Problem details:
Each word in the data below should be copied exactly; the images should not.

'''

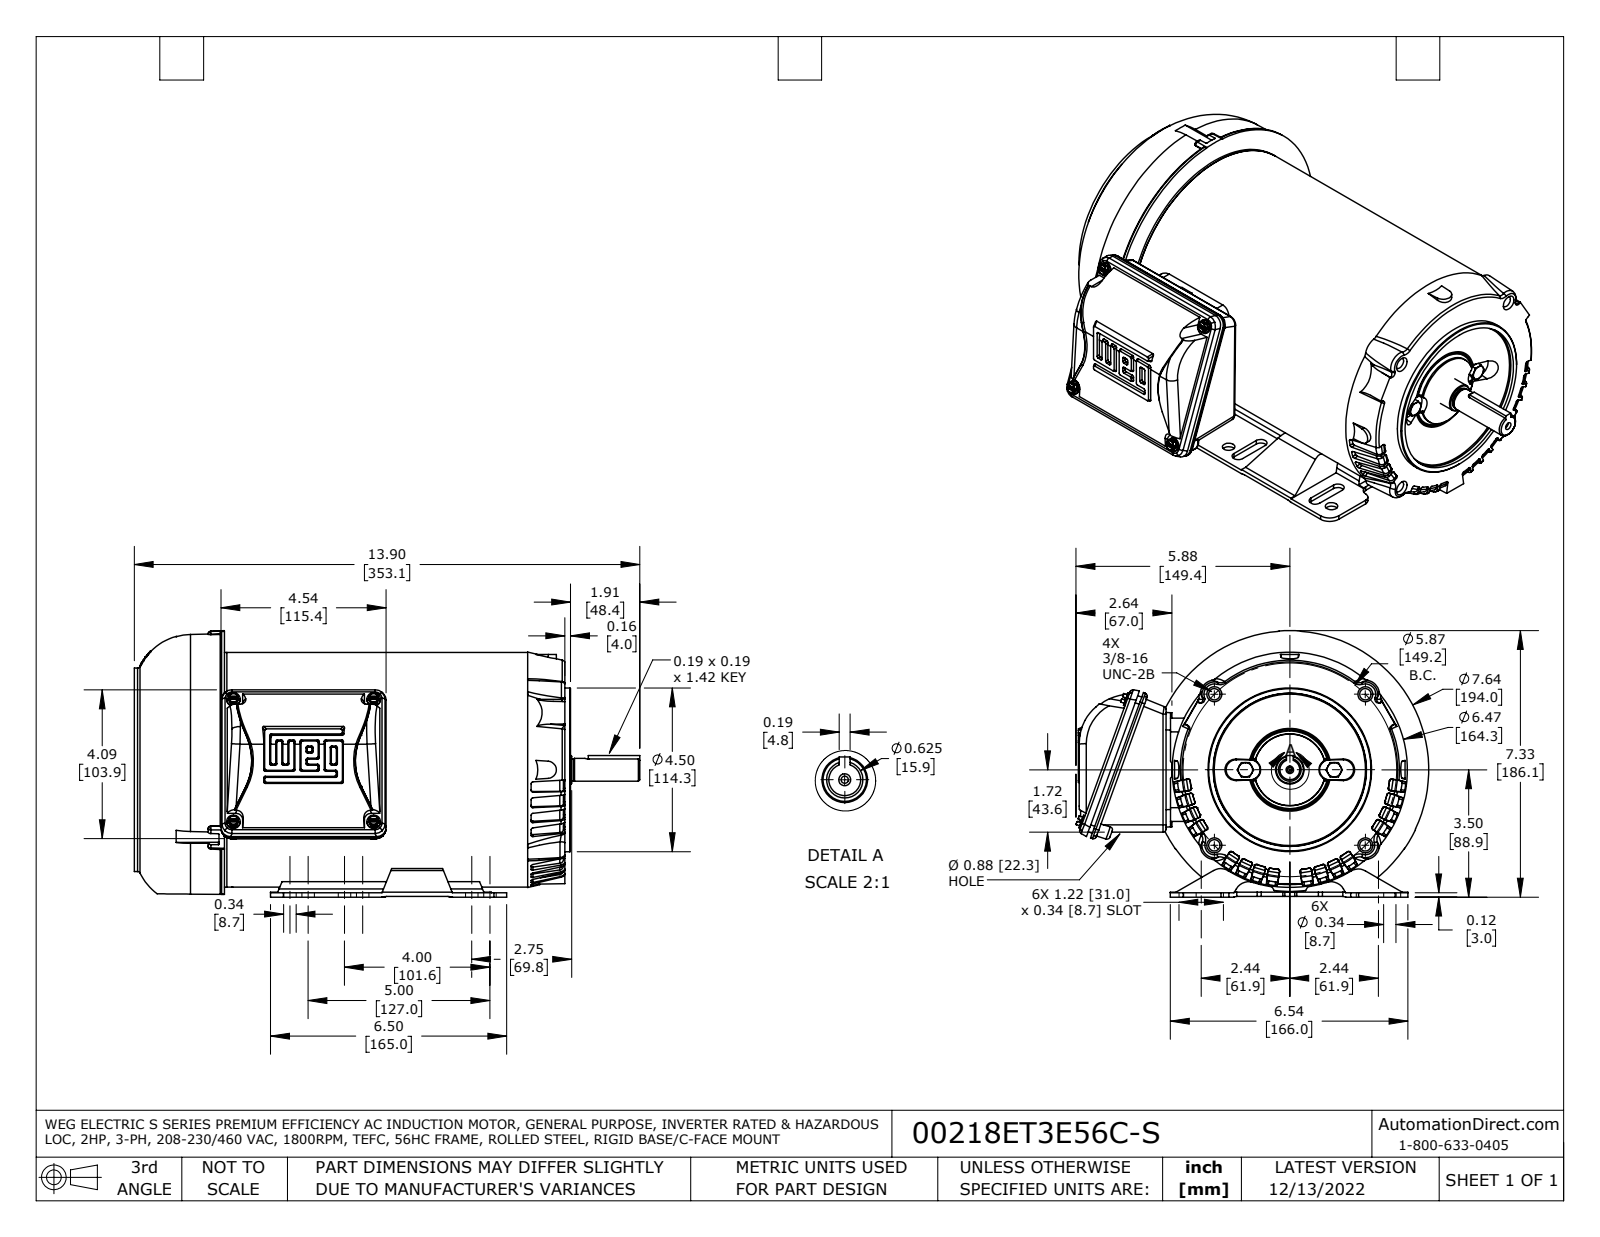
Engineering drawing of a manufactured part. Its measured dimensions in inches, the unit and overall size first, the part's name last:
Units: inches
Overall size (bounding box): 13.902 × 9.7 × 7.551
Round holes (diameter × count): ⌀0.343 ×6, ⌀0.313 ×4, ⌀0.124 ×1
Round bosses / shafts (diameter × count): ⌀0.374 ×4, ⌀0.35 ×2, ⌀6.447 ×1, ⌀6.447 ×1, ⌀5.591 ×1, ⌀4.5 ×1, ⌀0.783 ×1, ⌀0.625 ×1
Partial cylindrical surfaces — rounded edges, fillets, slot ends (radius × count): R0.047 ×40, R0.006 ×38, R0.051 ×32, R0.059 ×12, R0.087 ×12, R0.171 ×12, R0.02 ×10, R0.079 ×8
Main face-to-face distances: 8.268, 0.12, 0.067, 8.335, 2.283, 2.35, 10.618, 11.642, 9.358, 9.291
Hole centre spacings: 2.937, 4.154, 5.5, 1, 4, 5, 5.59, 5.874
Volume: 438.3 in³ · Surface area: 729.3 in²
Bodies: 14 solids, 1483 faces (557 planar, 355 cylindrical, 571 other)
Part name (STEP PRODUCT): 56HC_3PH_TEFC_GP_13898 broken base surfs w 1PHNB 1 fxt
STEP written by: SolidWorks 2021 (AUTOMOTIVE_DESIGN)

'''

Written answer:
Engineering drawing of a manufactured part. Its measured dimensions in inches, the unit and overall size first, the part's name last:
Units: inches
Overall size (bounding box): 13.902 × 9.7 × 7.551
Round holes (diameter × count): ⌀0.343 ×6, ⌀0.313 ×4, ⌀0.124 ×1
Round bosses / shafts (diameter × count): ⌀0.374 ×4, ⌀0.35 ×2, ⌀6.447 ×1, ⌀6.447 ×1, ⌀5.591 ×1, ⌀4.5 ×1, ⌀0.783 ×1, ⌀0.625 ×1
Partial cylindrical surfaces — rounded edges, fillets, slot ends (radius × count): R0.047 ×40, R0.006 ×38, R0.051 ×32, R0.059 ×12, R0.087 ×12, R0.171 ×12, R0.02 ×10, R0.079 ×8
Main face-to-face distances: 8.268, 0.12, 0.067, 8.335, 2.283, 2.35, 10.618, 11.642, 9.358, 9.291
Hole centre spacings: 2.937, 4.154, 5.5, 1, 4, 5, 5.59, 5.874
Volume: 438.3 in³ · Surface area: 729.3 in²
Bodies: 14 solids, 1483 faces (557 planar, 355 cylindrical, 571 other)
Part name (STEP PRODUCT): 56HC_3PH_TEFC_GP_13898 broken base surfs w 1PHNB 1 fxt
STEP written by: SolidWorks 2021 (AUTOMOTIVE_DESIGN)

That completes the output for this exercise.